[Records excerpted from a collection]

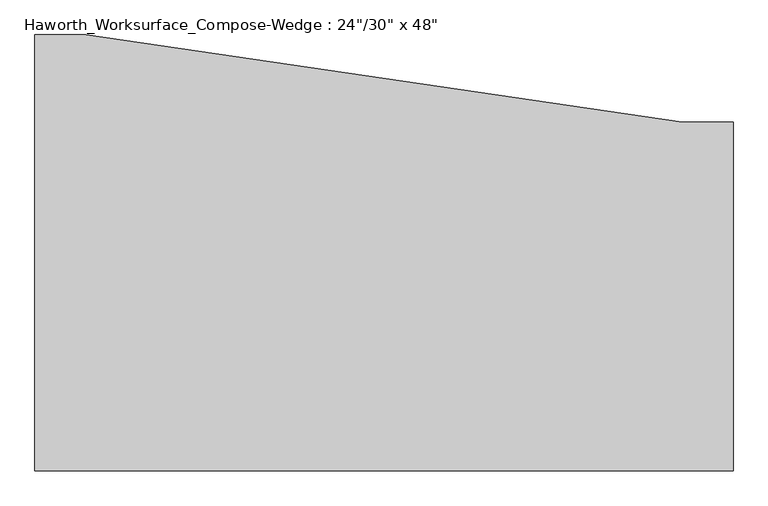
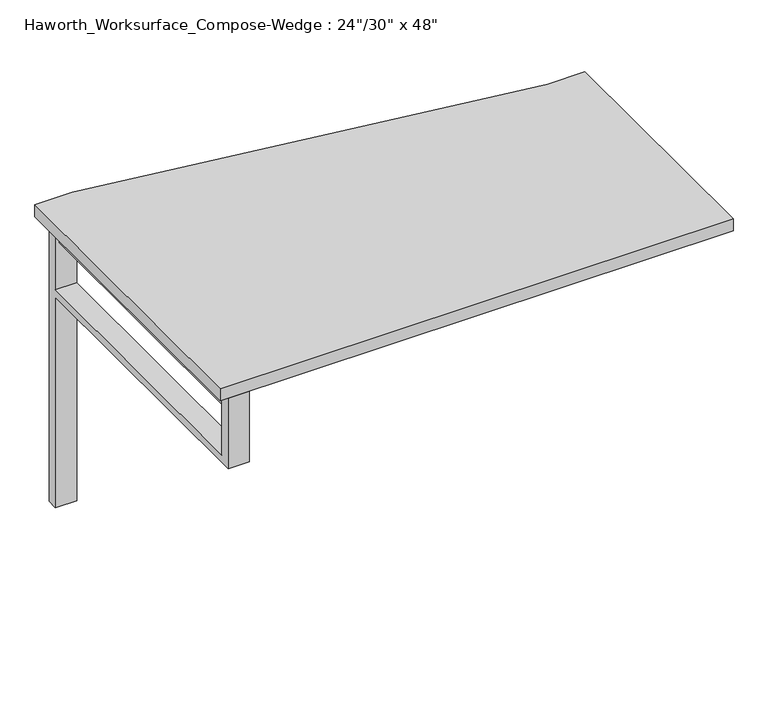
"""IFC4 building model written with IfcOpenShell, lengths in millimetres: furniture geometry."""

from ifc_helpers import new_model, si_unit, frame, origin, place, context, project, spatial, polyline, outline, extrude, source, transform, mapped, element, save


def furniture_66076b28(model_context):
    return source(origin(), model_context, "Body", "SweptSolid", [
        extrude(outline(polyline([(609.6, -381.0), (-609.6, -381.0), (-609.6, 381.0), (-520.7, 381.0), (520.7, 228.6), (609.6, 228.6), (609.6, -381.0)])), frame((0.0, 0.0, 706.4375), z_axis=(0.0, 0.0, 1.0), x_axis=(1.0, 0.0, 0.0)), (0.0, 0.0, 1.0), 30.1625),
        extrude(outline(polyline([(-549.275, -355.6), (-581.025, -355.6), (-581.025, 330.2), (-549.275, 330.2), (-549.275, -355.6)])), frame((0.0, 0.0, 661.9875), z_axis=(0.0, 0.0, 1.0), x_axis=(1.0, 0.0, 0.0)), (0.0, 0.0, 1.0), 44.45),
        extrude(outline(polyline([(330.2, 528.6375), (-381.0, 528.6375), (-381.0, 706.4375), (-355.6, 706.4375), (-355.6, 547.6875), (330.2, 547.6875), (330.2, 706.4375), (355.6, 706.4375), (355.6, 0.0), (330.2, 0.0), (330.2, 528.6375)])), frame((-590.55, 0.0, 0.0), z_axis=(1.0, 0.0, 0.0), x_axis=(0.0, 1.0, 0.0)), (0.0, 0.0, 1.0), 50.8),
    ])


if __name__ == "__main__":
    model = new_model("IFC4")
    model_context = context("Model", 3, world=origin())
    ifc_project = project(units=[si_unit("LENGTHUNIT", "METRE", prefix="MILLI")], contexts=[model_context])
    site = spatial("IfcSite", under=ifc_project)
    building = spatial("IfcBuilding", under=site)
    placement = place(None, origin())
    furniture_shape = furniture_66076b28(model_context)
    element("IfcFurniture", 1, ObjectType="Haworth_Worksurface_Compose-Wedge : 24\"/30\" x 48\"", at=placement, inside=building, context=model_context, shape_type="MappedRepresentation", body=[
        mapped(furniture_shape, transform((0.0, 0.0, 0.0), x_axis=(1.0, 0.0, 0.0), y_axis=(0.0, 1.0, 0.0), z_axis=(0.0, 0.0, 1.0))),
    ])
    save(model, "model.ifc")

> _TASK DETAILS_: Please tally the lines above that include the word "spatial" and answer with the number by itself.

> _SOLUTION_: 3